### EXERCISE DESCRIPTION
All of the entries below need repeating exactly, apart from their images.

Data items:
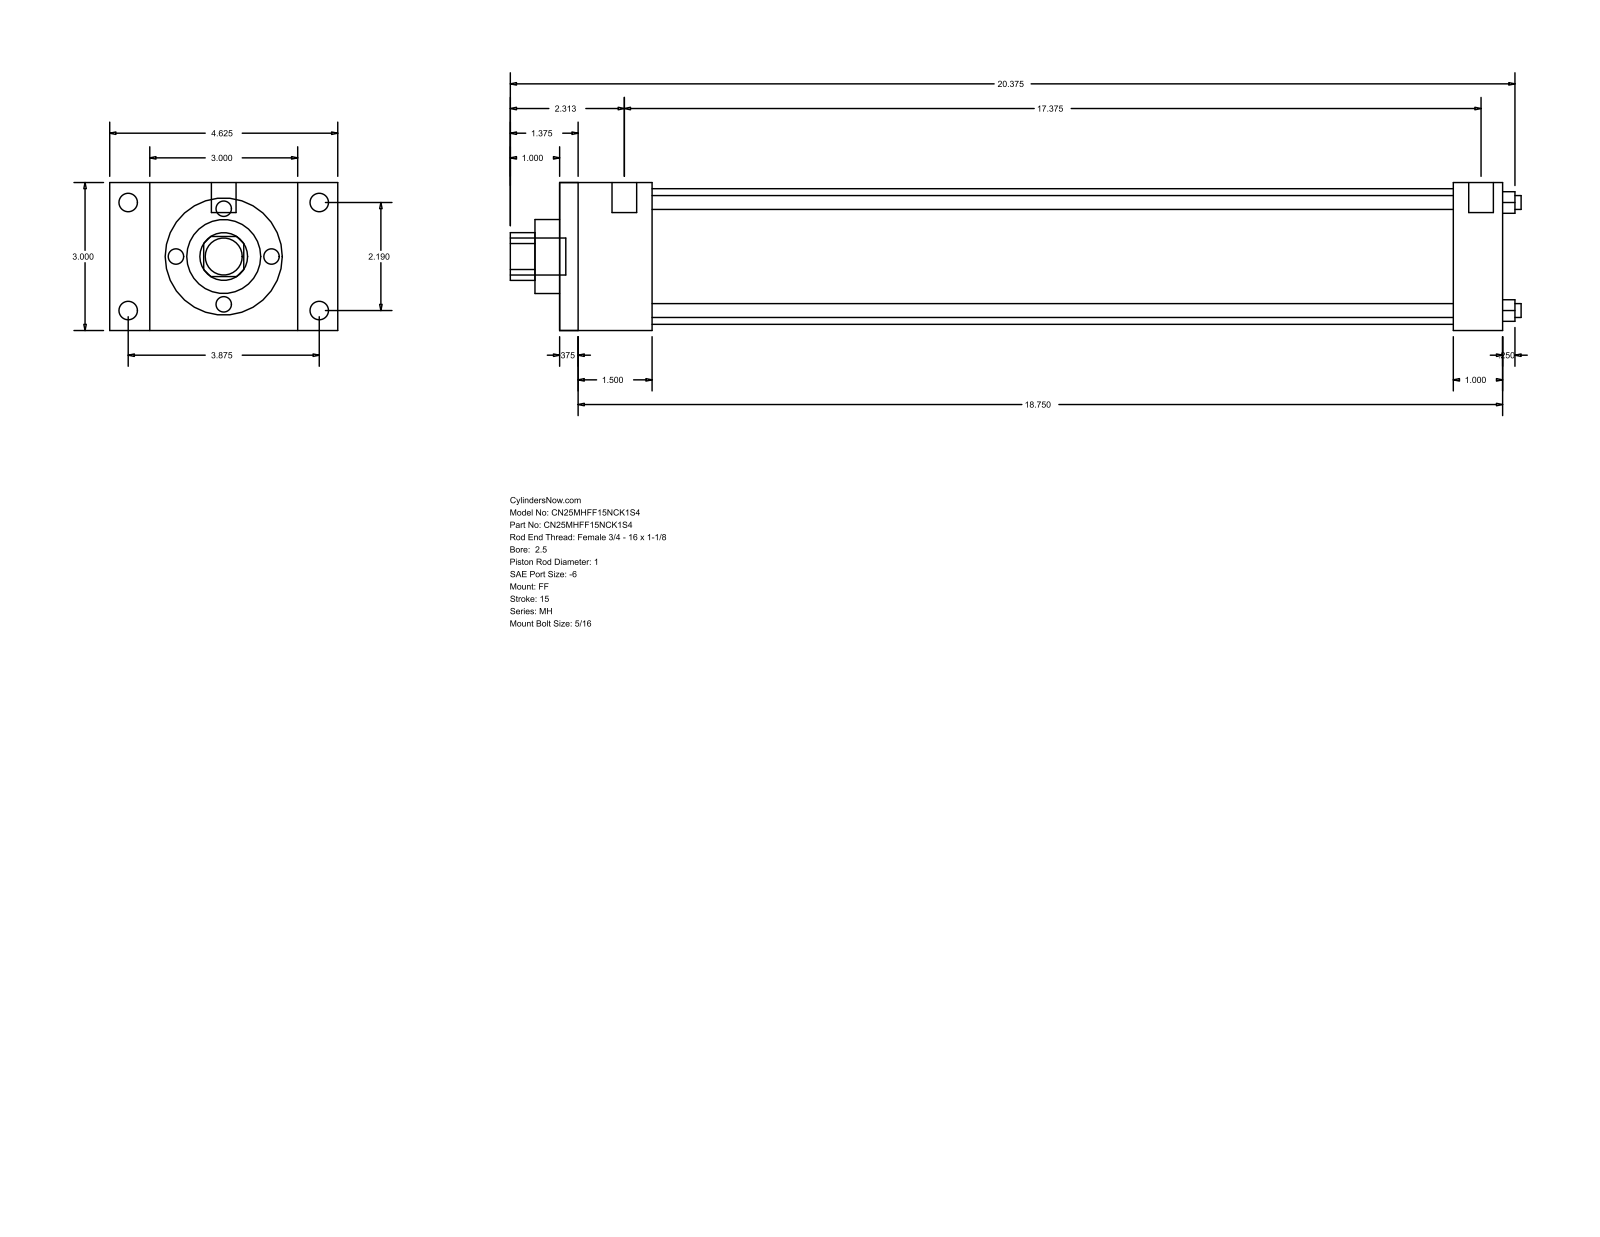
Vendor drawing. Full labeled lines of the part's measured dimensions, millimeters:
Part name (STEP PRODUCT): MH_FF__0250_1
STEP written by: GSSL Pune (CONFIG_CONTROL_DESIGN)
Units: millimetres
Bodies: 0 solids, 92 faces (64 planar, 28 cylindrical, 0 other)
Overall size (bounding box): 520.7 × 117.47 × 76.2
Round holes (diameter × count): ⌀7.14 ×4, ⌀25.4 ×1, ⌀38.1 ×1, ⌀69.85 ×1
Round bosses / shafts (diameter × count): ⌀9.53 ×4, ⌀5.56 ×4, ⌀12.7 ×2, ⌀19.05 ×1
Partial cylindrical surfaces — rounded edges, fillets, slot ends (radius × count): R12.29 ×1
Main face-to-face distances: 76.2, 485.78, 9.52, 476.26, 47.63, 460.37, 38.11, 450.85, 412.74, 438.15
Hole centre spacings: 39.33, 55.62, 78.66
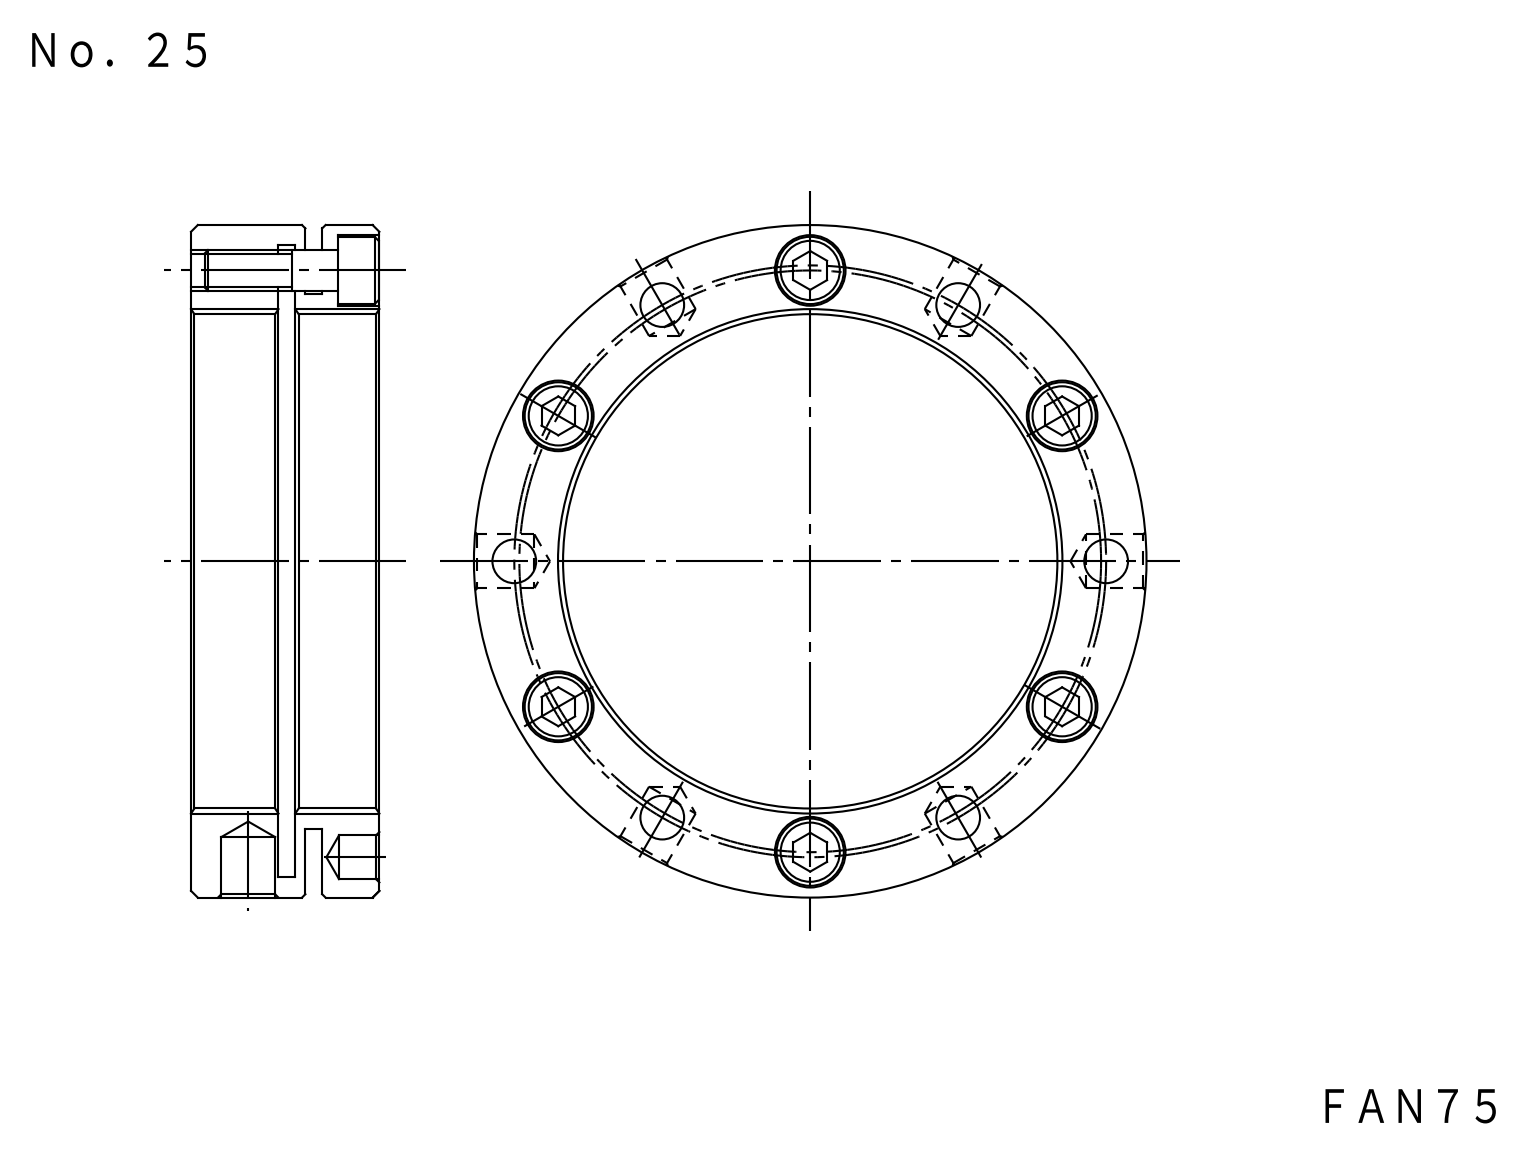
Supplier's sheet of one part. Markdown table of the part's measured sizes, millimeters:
| quantity | value |
| --- | --- |
| part name | FKD FAN75; M6X20_default |
| STEP written by | SolidWorks 2012 (CONFIG_CONTROL_DESIGN) |
| units | millimeters |
| bodies | 7 solids, 204 faces (72 planar, 108 cylindrical, 24 other) |
| overall size | 100 × 100 × 28 |
| volume | 79 495 mm³ |
| surface area | 41 384 mm² |
| round holes (diameter × count) | 6.3 × 6, 6.5 × 6, 10.5 × 6, 4.92 × 3, 4.92 × 3, 8 × 3, 75 × 1, 94 × 1 |
| round bosses / shafts (diameter × count) | 10 × 6, 6 × 6, 100 × 1, 80 × 1 |
| main face-to-face distances | 2.5, 4, 20, 28, 17.5, 10.5, 8, 13.5, 6.5, 14.5 |
| hole center spacings | 22.65, 43.5, 44, 84.52, 61.87, 75.34, 61.88, 76.21 |
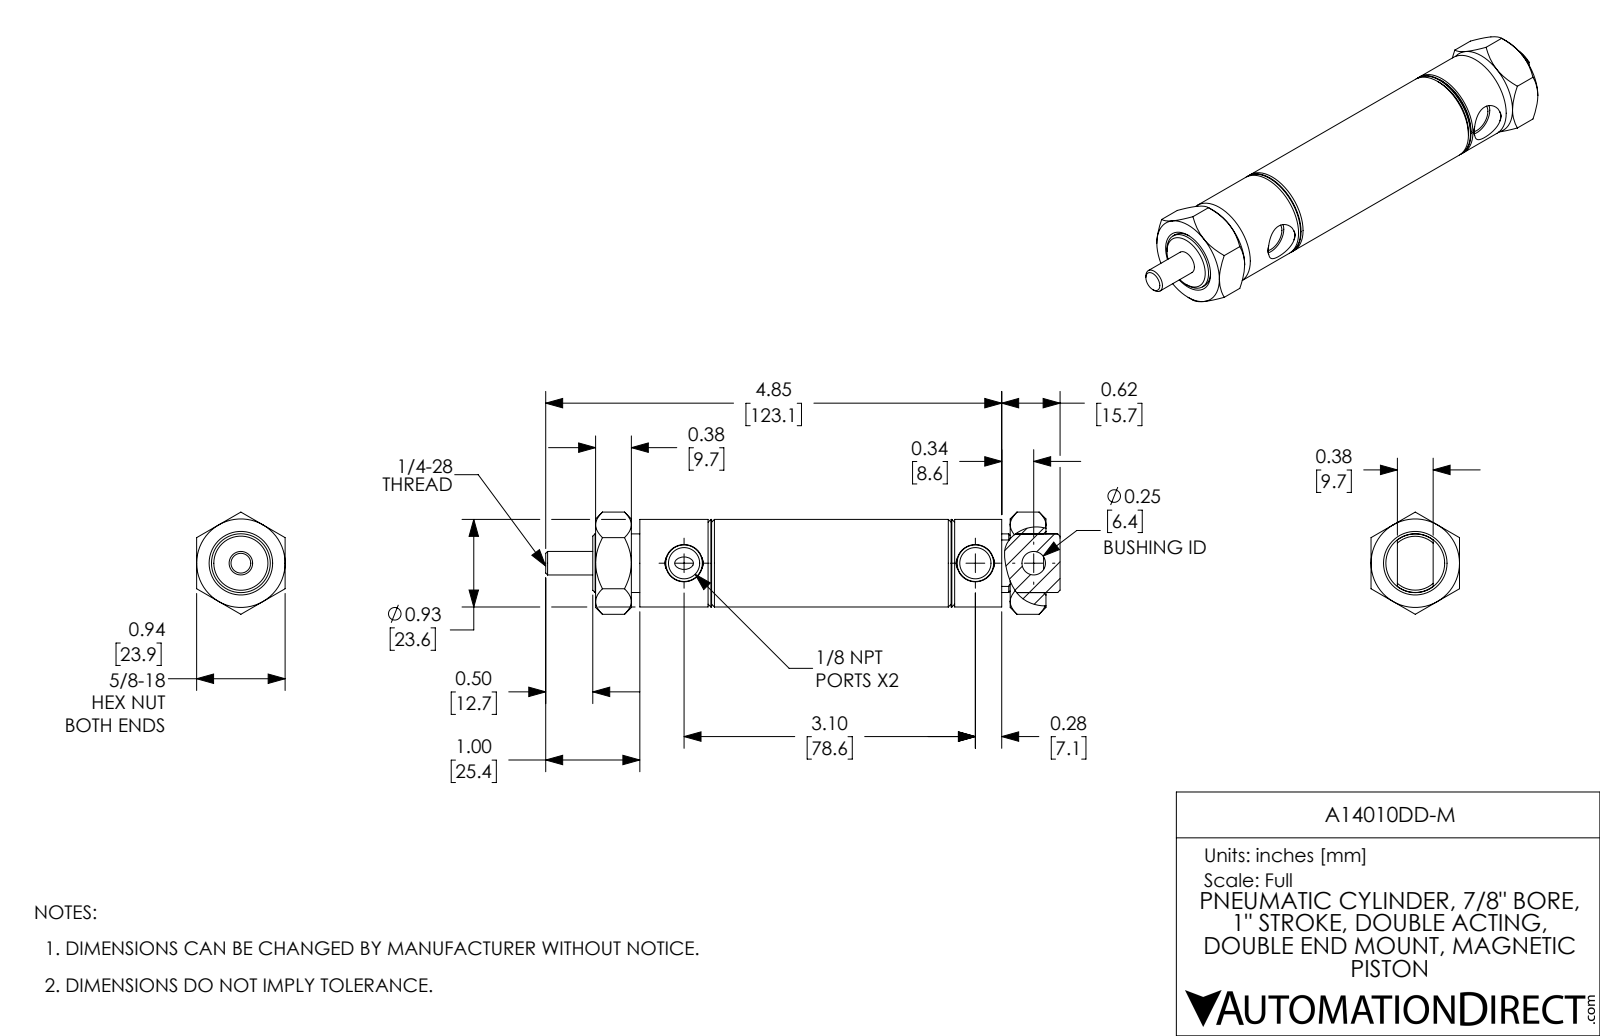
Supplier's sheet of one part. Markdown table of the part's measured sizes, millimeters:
| quantity | value |
| --- | --- |
| part name | A14010DD-M; A14010DD-M_Mounting Nut_D-9; A14010DD-M-Rod; A14010DD-M-MainBody |
| STEP written by | SolidWorks 2017 (AUTOMOTIVE_DESIGN) |
| units | millimeters |
| bodies | 4 solids, 137 faces (35 planar, 38 cylindrical, 64 other) |
| overall size | 138.8 × 27.6 × 23.9 |
| volume | 42 930 mm³ |
| surface area | 21 480 mm² |
| round holes (diameter × count) | 6.4 × 2, 8.4 × 2, 15.9 × 1, 22.2 × 1 |
| round bosses / shafts (diameter × count) | 23.6 × 1, 15.8 × 1, 14.3 × 1 |
| main face-to-face distances | 23.9, 12.7, 99.9, 2.3, 11.9, 109.6, 111.9, 9.7, 25.4, 70.7 |
| hole center spacings | 15.7, 78.6, 94.4 |
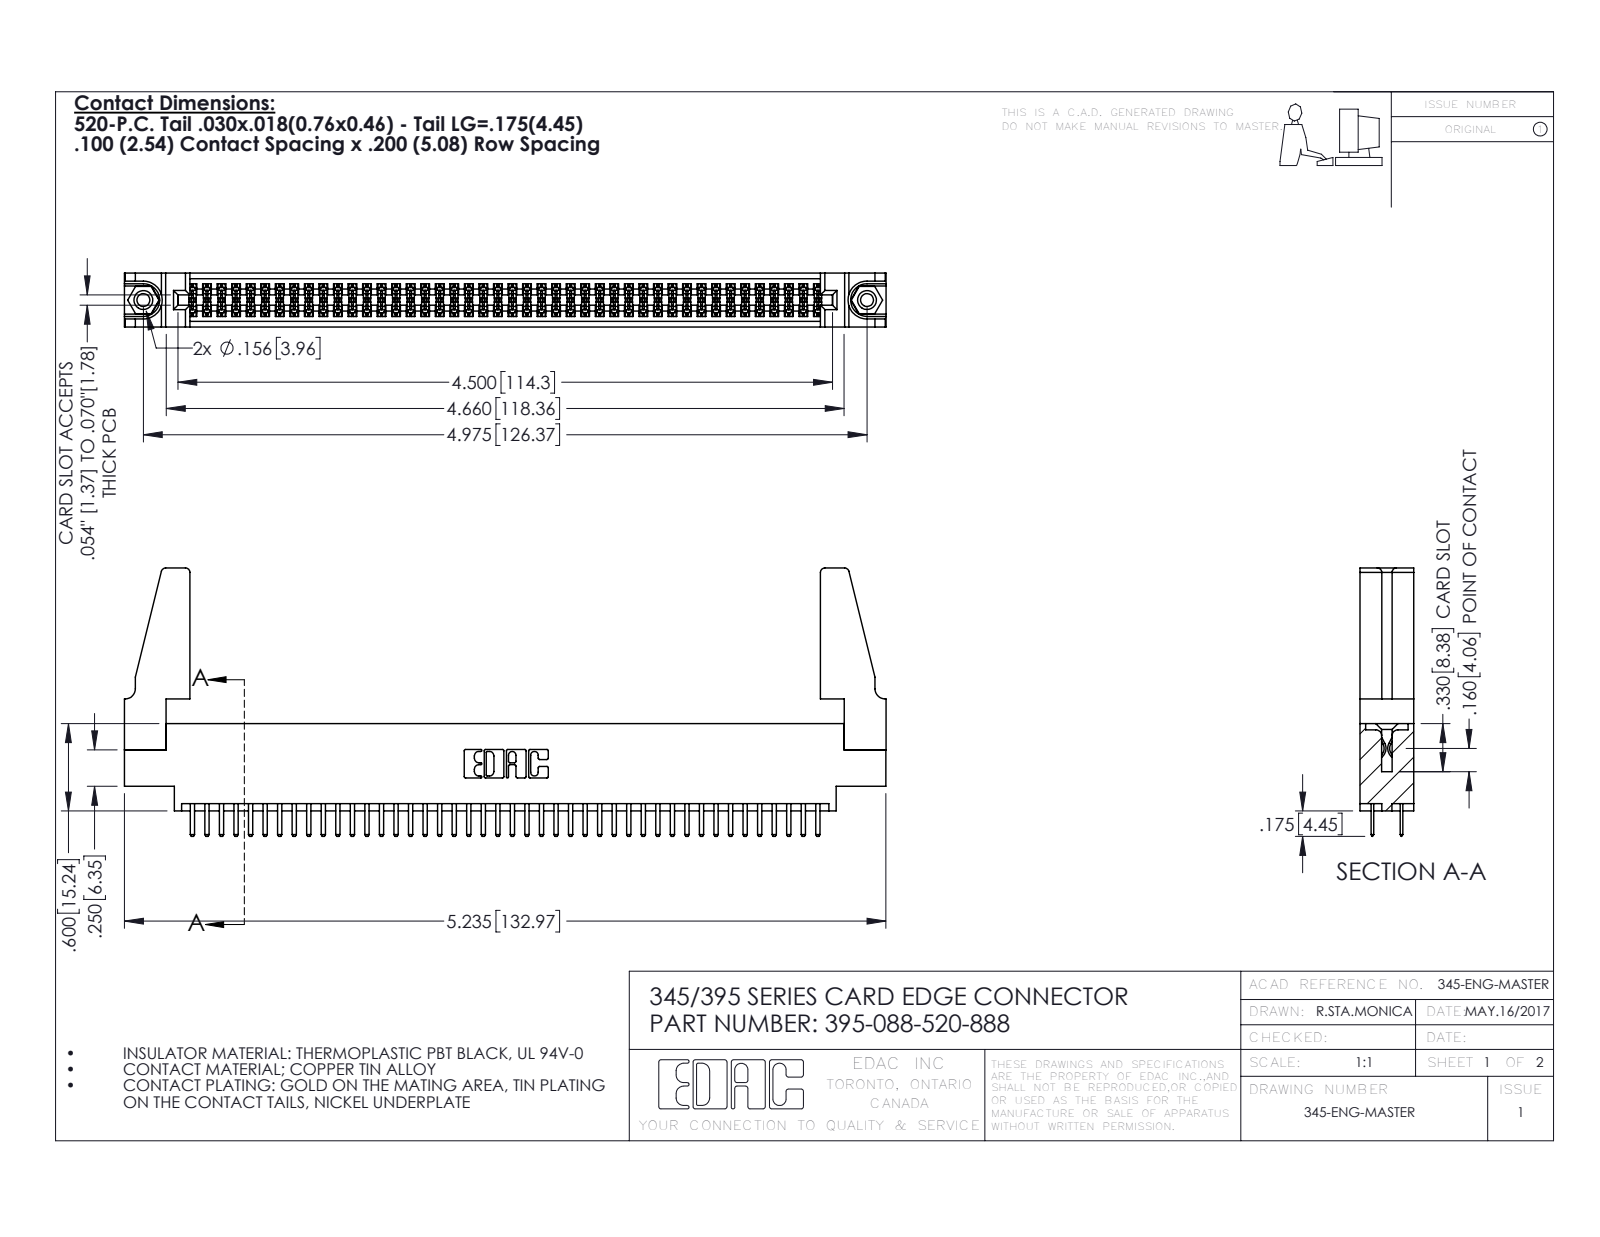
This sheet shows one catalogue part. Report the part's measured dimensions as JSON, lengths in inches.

### TASK RESPONSE
Vendor drawing. Full labeled lines of the part's measured dimensions, millimeters:
Part name (STEP PRODUCT): MH_FF__0250_1
STEP written by: GSSL Pune (CONFIG_CONTROL_DESIGN)
Units: millimetres
Bodies: 0 solids, 92 faces (64 planar, 28 cylindrical, 0 other)
Overall size (bounding box): 520.7 × 117.47 × 76.2
Round holes (diameter × count): ⌀7.14 ×4, ⌀25.4 ×1, ⌀38.1 ×1, ⌀69.85 ×1
Round bosses / shafts (diameter × count): ⌀9.53 ×4, ⌀5.56 ×4, ⌀12.7 ×2, ⌀19.05 ×1
Partial cylindrical surfaces — rounded edges, fillets, slot ends (radius × count): R12.29 ×1
Main face-to-face distances: 76.2, 485.78, 9.52, 476.26, 47.63, 460.37, 38.11, 450.85, 412.74, 438.15
Hole centre spacings: 39.33, 55.62, 78.66
Supplier's sheet of one part. Markdown table of the part's measured sizes, millimeters:
| quantity | value |
| --- | --- |
| part name | FKD FAN75; M6X20_default |
| STEP written by | SolidWorks 2012 (CONFIG_CONTROL_DESIGN) |
| units | millimeters |
| bodies | 7 solids, 204 faces (72 planar, 108 cylindrical, 24 other) |
| overall size | 100 × 100 × 28 |
| volume | 79 495 mm³ |
| surface area | 41 384 mm² |
| round holes (diameter × count) | 6.3 × 6, 6.5 × 6, 10.5 × 6, 4.92 × 3, 4.92 × 3, 8 × 3, 75 × 1, 94 × 1 |
| round bosses / shafts (diameter × count) | 10 × 6, 6 × 6, 100 × 1, 80 × 1 |
| main face-to-face distances | 2.5, 4, 20, 28, 17.5, 10.5, 8, 13.5, 6.5, 14.5 |
| hole center spacings | 22.65, 43.5, 44, 84.52, 61.87, 75.34, 61.88, 76.21 |
Supplier's sheet of one part. Markdown table of the part's measured sizes, millimeters:
| quantity | value |
| --- | --- |
| part name | A14010DD-M; A14010DD-M_Mounting Nut_D-9; A14010DD-M-Rod; A14010DD-M-MainBody |
| STEP written by | SolidWorks 2017 (AUTOMOTIVE_DESIGN) |
| units | millimeters |
| bodies | 4 solids, 137 faces (35 planar, 38 cylindrical, 64 other) |
| overall size | 138.8 × 27.6 × 23.9 |
| volume | 42 930 mm³ |
| surface area | 21 480 mm² |
| round holes (diameter × count) | 6.4 × 2, 8.4 × 2, 15.9 × 1, 22.2 × 1 |
| round bosses / shafts (diameter × count) | 23.6 × 1, 15.8 × 1, 14.3 × 1 |
| main face-to-face distances | 23.9, 12.7, 99.9, 2.3, 11.9, 109.6, 111.9, 9.7, 25.4, 70.7 |
| hole center spacings | 15.7, 78.6, 94.4 |
This sheet shows one catalogue part. Report the part's measured dimensions as JSON, lengths in inches.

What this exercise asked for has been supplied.